Last week, I had my 20th treatment with The Dragon Lady. 14 weeks I’ve been seeing her. I don’t want to even try to do the math to figure out how much money that equals. But I’m pretty sure it’d be enough to put our unconcieved baby through a semester of fancy private prep school. By the way, unconceived baby, that is never going to happen. I don’t care if that’s where all your friends are going.

So last week, during my 20th treatment, after we’d reached the final bit of small talk two people who saw each other for one to two hours every week for 14 weeks could muster. After we’d finally run out of topics ranging from The Bachelor (yes, she watches) to the current state of my menstrual flow to why American girls insist on dying their hair. After she had nothing else that she could scold me about. The Dragon Lady said something to me. Something that struck bone.

As she started placing needles in my back, she said,

“So sorry this is happening to you. You don’t deserve this. You did nothing wrong.”

I didn’t know why at first, but immediately tears started to fill my eyes.

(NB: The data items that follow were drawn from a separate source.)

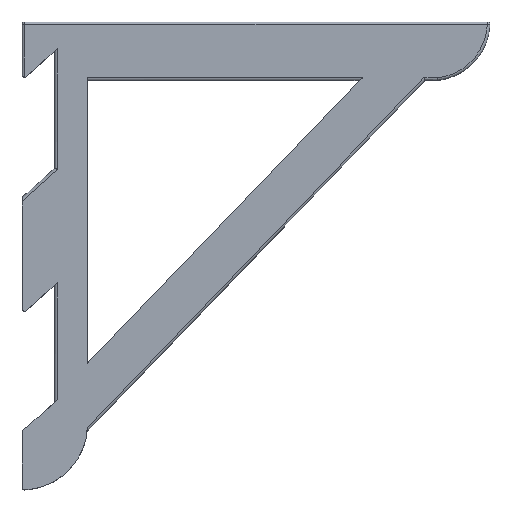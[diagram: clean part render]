
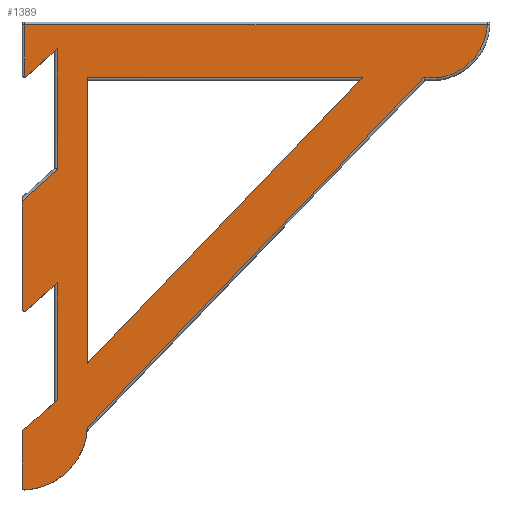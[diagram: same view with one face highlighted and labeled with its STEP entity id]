
A CAD part, top view. The second image highlights one B-rep face of the part: STEP entity #1389.
In plain terms, the highlighted planar face has unit normal (0, 0, 1).
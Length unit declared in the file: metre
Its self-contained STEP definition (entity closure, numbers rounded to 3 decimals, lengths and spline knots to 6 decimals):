
#78=CIRCLE('',#1480,0.031926);
#81=CIRCLE('',#1501,0.00127);
#82=CIRCLE('',#1502,0.00127);
#83=CIRCLE('',#1503,0.00127);
#84=CIRCLE('',#1504,0.027464);
#85=CIRCLE('',#1505,0.00127);
#267=ORIENTED_EDGE('',*,*,#655,.F.);
#268=ORIENTED_EDGE('',*,*,#681,.T.);
#269=ORIENTED_EDGE('',*,*,#682,.T.);
#270=ORIENTED_EDGE('',*,*,#600,.F.);
#271=ORIENTED_EDGE('',*,*,#683,.T.);
#272=ORIENTED_EDGE('',*,*,#666,.F.);
#273=ORIENTED_EDGE('',*,*,#684,.T.);
#274=ORIENTED_EDGE('',*,*,#672,.F.);
#275=ORIENTED_EDGE('',*,*,#685,.T.);
#276=ORIENTED_EDGE('',*,*,#674,.F.);
#277=ORIENTED_EDGE('',*,*,#686,.T.);
#278=ORIENTED_EDGE('',*,*,#633,.T.);
#279=ORIENTED_EDGE('',*,*,#687,.T.);
#280=ORIENTED_EDGE('',*,*,#688,.T.);
#281=ORIENTED_EDGE('',*,*,#689,.T.);
#282=ORIENTED_EDGE('',*,*,#690,.T.);
#283=ORIENTED_EDGE('',*,*,#691,.T.);
#284=ORIENTED_EDGE('',*,*,#692,.T.);
#285=ORIENTED_EDGE('',*,*,#693,.T.);
#286=ORIENTED_EDGE('',*,*,#679,.F.);
#287=ORIENTED_EDGE('',*,*,#625,.F.);
#600=EDGE_CURVE('',#812,#813,#940,.T.);
#625=EDGE_CURVE('',#837,#833,#951,.T.);
#633=EDGE_CURVE('',#840,#844,#78,.T.);
#655=EDGE_CURVE('',#863,#859,#975,.T.);
#666=EDGE_CURVE('',#872,#868,#985,.T.);
#672=EDGE_CURVE('',#876,#877,#991,.T.);
#674=EDGE_CURVE('',#878,#879,#992,.T.);
#679=EDGE_CURVE('',#833,#882,#997,.T.);
#681=EDGE_CURVE('',#863,#883,#998,.T.);
#682=EDGE_CURVE('',#883,#813,#999,.F.);
#683=EDGE_CURVE('',#812,#868,#81,.T.);
#684=EDGE_CURVE('',#872,#877,#1000,.F.);
#685=EDGE_CURVE('',#876,#879,#82,.T.);
#686=EDGE_CURVE('',#878,#840,#83,.T.);
#687=EDGE_CURVE('',#844,#884,#1001,.F.);
#688=EDGE_CURVE('',#884,#885,#1002,.T.);
#689=EDGE_CURVE('',#885,#886,#84,.T.);
#690=EDGE_CURVE('',#886,#887,#1003,.F.);
#691=EDGE_CURVE('',#887,#888,#1004,.F.);
#692=EDGE_CURVE('',#888,#859,#85,.T.);
#693=EDGE_CURVE('',#837,#882,#1005,.T.);
#812=VERTEX_POINT('',#1971);
#813=VERTEX_POINT('',#1972);
#833=VERTEX_POINT('',#2038);
#837=VERTEX_POINT('',#2045);
#840=VERTEX_POINT('',#2055);
#844=VERTEX_POINT('',#2067);
#859=VERTEX_POINT('',#2107);
#863=VERTEX_POINT('',#2114);
#868=VERTEX_POINT('',#2130);
#872=VERTEX_POINT('',#2137);
#876=VERTEX_POINT('',#2149);
#877=VERTEX_POINT('',#2151);
#878=VERTEX_POINT('',#2155);
#879=VERTEX_POINT('',#2156);
#882=VERTEX_POINT('',#2165);
#883=VERTEX_POINT('',#2169);
#884=VERTEX_POINT('',#2176);
#885=VERTEX_POINT('',#2178);
#886=VERTEX_POINT('',#2180);
#887=VERTEX_POINT('',#2182);
#888=VERTEX_POINT('',#2184);
#940=LINE('',#1970,#1052);
#951=LINE('',#2046,#1063);
#975=LINE('',#2115,#1087);
#985=LINE('',#2138,#1097);
#991=LINE('',#2150,#1103);
#992=LINE('',#2154,#1104);
#997=LINE('',#2164,#1109);
#998=LINE('',#2168,#1110);
#999=LINE('',#2170,#1111);
#1000=LINE('',#2172,#1112);
#1001=LINE('',#2175,#1113);
#1002=LINE('',#2177,#1114);
#1003=LINE('',#2181,#1115);
#1004=LINE('',#2183,#1116);
#1005=LINE('',#2186,#1117);
#1052=VECTOR('',#1604,1.);
#1063=VECTOR('',#1621,1.);
#1087=VECTOR('',#1671,1.);
#1097=VECTOR('',#1689,1.);
#1103=VECTOR('',#1699,1.);
#1104=VECTOR('',#1704,1.);
#1109=VECTOR('',#1711,1.);
#1110=VECTOR('',#1716,1.);
#1111=VECTOR('',#1717,1.);
#1112=VECTOR('',#1720,1.);
#1113=VECTOR('',#1725,1.);
#1114=VECTOR('',#1726,1.);
#1115=VECTOR('',#1729,1.);
#1116=VECTOR('',#1730,1.);
#1117=VECTOR('',#1733,1.);
#1182=EDGE_LOOP('',(#267,#268,#269,#270,#271,#272,#273,#274,#275,#276,#277,
#278,#279,#280,#281,#282,#283,#284));
#1183=EDGE_LOOP('',(#285,#286,#287));
#1274=FACE_BOUND('',#1182,.T.);
#1275=FACE_BOUND('',#1183,.T.);
#1363=PLANE('',#1500);
#1389=ADVANCED_FACE('',(#1274,#1275),#1363,.T.);
#1480=AXIS2_PLACEMENT_3D('',#2068,#1633,#1634);
#1500=AXIS2_PLACEMENT_3D('',#2167,#1714,#1715);
#1501=AXIS2_PLACEMENT_3D('',#2171,#1718,#1719);
#1502=AXIS2_PLACEMENT_3D('',#2173,#1721,#1722);
#1503=AXIS2_PLACEMENT_3D('',#2174,#1723,#1724);
#1504=AXIS2_PLACEMENT_3D('',#2179,#1727,#1728);
#1505=AXIS2_PLACEMENT_3D('',#2185,#1731,#1732);
#1604=DIRECTION('',(0.,1.,0.));
#1621=DIRECTION('',(0.,-1.,0.));
#1633=DIRECTION('',(0.,0.,1.));
#1634=DIRECTION('',(1.,0.,0.));
#1671=DIRECTION('',(-0.743,-0.669,0.));
#1689=DIRECTION('',(-0.743,-0.669,0.));
#1699=DIRECTION('',(0.743,0.669,0.));
#1704=DIRECTION('',(0.,1.,0.));
#1711=DIRECTION('',(0.694,0.72,0.));
#1714=DIRECTION('',(0.,0.,1.));
#1715=DIRECTION('',(1.,0.,0.));
#1716=DIRECTION('',(0.,-1.,0.));
#1717=DIRECTION('',(0.743,0.669,0.));
#1718=DIRECTION('',(0.,0.,1.));
#1719=DIRECTION('',(1.,0.,0.));
#1720=DIRECTION('',(0.,1.,0.));
#1721=DIRECTION('',(0.,0.,1.));
#1722=DIRECTION('',(1.,0.,0.));
#1723=DIRECTION('',(0.,0.,1.));
#1724=DIRECTION('',(1.,0.,0.));
#1725=DIRECTION('',(-0.694,-0.72,0.));
#1726=DIRECTION('',(1.,0.,0.));
#1727=DIRECTION('',(0.,0.,1.));
#1728=DIRECTION('',(1.,0.,0.));
#1729=DIRECTION('',(1.,0.,0.));
#1730=DIRECTION('',(0.,1.,0.));
#1731=DIRECTION('',(0.,0.,1.));
#1732=DIRECTION('',(1.,0.,0.));
#1733=DIRECTION('',(1.,0.,0.));
#1970=CARTESIAN_POINT('',(-0.015875,0.007144,0.03175));
#1971=CARTESIAN_POINT('',(-0.015875,-0.025723,0.03175));
#1972=CARTESIAN_POINT('',(-0.015875,0.026866,0.03175));
#2038=CARTESIAN_POINT('',(0.015875,-0.052754,0.03175));
#2045=CARTESIAN_POINT('',(0.015875,0.086995,0.03175));
#2046=CARTESIAN_POINT('',(0.015875,-0.026377,0.03175));
#2055=CARTESIAN_POINT('',(-0.014552,-0.114273,0.03175));
#2067=CARTESIAN_POINT('',(0.016022,-0.083741,0.03175));
#2068=CARTESIAN_POINT('',(-0.015875,-0.082374,0.03175));
#2107=CARTESIAN_POINT('',(-0.013755,0.087633,0.03175));
#2114=CARTESIAN_POINT('',(0.00127,0.101156,0.03175));
#2115=CARTESIAN_POINT('',(-0.007938,0.092869,0.03175));
#2130=CARTESIAN_POINT('',(-0.013755,-0.026667,0.03175));
#2137=CARTESIAN_POINT('',(0.00127,-0.013145,0.03175));
#2138=CARTESIAN_POINT('',(-0.007938,-0.021431,0.03175));
#2149=CARTESIAN_POINT('',(-0.015455,-0.085347,0.03175));
#2150=CARTESIAN_POINT('',(-0.007938,-0.078581,0.03175));
#2151=CARTESIAN_POINT('',(0.00127,-0.070295,0.03175));
#2154=CARTESIAN_POINT('',(-0.015875,-0.100013,0.03175));
#2155=CARTESIAN_POINT('',(-0.015875,-0.113004,0.03175));
#2156=CARTESIAN_POINT('',(-0.015875,-0.086291,0.03175));
#2164=CARTESIAN_POINT('',(0.08255,0.016486,0.03175));
#2165=CARTESIAN_POINT('',(0.150448,0.086995,0.03175));
#2167=CARTESIAN_POINT('',(0.098425,0.,0.03175));
#2168=CARTESIAN_POINT('',(0.00127,0.042863,0.03175));
#2169=CARTESIAN_POINT('',(0.00127,0.042297,0.03175));
#2170=CARTESIAN_POINT('',(0.033915,0.071678,0.03175));
#2171=CARTESIAN_POINT('',(-0.014605,-0.025723,0.03175));
#2172=CARTESIAN_POINT('',(0.00127,0.,0.03175));
#2173=CARTESIAN_POINT('',(-0.014605,-0.086291,0.03175));
#2174=CARTESIAN_POINT('',(-0.014605,-0.113004,0.03175));
#2175=CARTESIAN_POINT('',(0.09751,0.000881,0.03175));
#2176=CARTESIAN_POINT('',(0.180435,0.086995,0.03175));
#2177=CARTESIAN_POINT('',(0.187008,0.086995,0.03175));
#2178=CARTESIAN_POINT('',(0.18694,0.086995,0.03175));
#2179=CARTESIAN_POINT('',(0.183991,0.1143,0.03175));
#2180=CARTESIAN_POINT('',(0.211426,0.11303,0.03175));
#2181=CARTESIAN_POINT('',(0.098425,0.11303,0.03175));
#2182=CARTESIAN_POINT('',(-0.014605,0.11303,0.03175));
#2183=CARTESIAN_POINT('',(-0.014605,0.,0.03175));
#2184=CARTESIAN_POINT('',(-0.014605,0.087307,0.03175));
#2185=CARTESIAN_POINT('',(-0.014605,0.088577,0.03175));
#2186=CARTESIAN_POINT('',(0.149225,0.086995,0.03175));

The Dragon Lady was still placing a few last needles in my back so I silently yelled at myself to hold it together, to not start my chin-quivery ugly cry until she had left the room. And why on earth was my chin all quivery anyway? It’s not like I ever thought that I did deserve this whole miscarriage/infertility thing. Or that I had done something wrong.

But after the Dragon Lady was safely out of the room and I had choked back all the liquid threatening to pour out of my face, I realized that somewhere in some dark crevice of my mind, around the corner from where I stored my 12th grade locker combination, hid the feeling that I did deserve all this. That I had done something wrong. That maybe the last few years had been just a little too perfect and I’d reached some pre-determined happiness quotient and it was time for the universe to knock me down a peg. Or that I’d ruined my body by running or drinking margaritas every once in a while. Or that maybe this was some sort of eventual karmic justice for the times growing up when I skipped class, fought with my brothers or refused to eat my mom’s pot roast.

Somewhere deep inside I unconsciously stored the belief that I had all this coming to me. And I never even knew that feeling existed until someone told me it shouldn’t be there.

And now I see how silly that feeling is. Mainly because it makes this whole thing all about me. And it’s not all about me. It’s about me, my husband, our families, our future family, etcetera, etcetera. It’s not about me, it’s about us.

And also, it’s about you. I struggle to think that there are that many of us out there who have all unknowingly ruined our bodies in the same way. Or have all coincidentally built up the same sort of massive karmic debt. Although if you all like margaritas on Thursdays, once hid your brothers’ lego collections under your beds for two weeks AND grew up hating your mom’s pot roast, we should talk.

Otherwise, I just have to believe it’s just a total random unfair thing. And in case no one has told you, allow me to pass this along,

“So sorry this is happening to you. You don’t deserve this. You did nothing wrong.”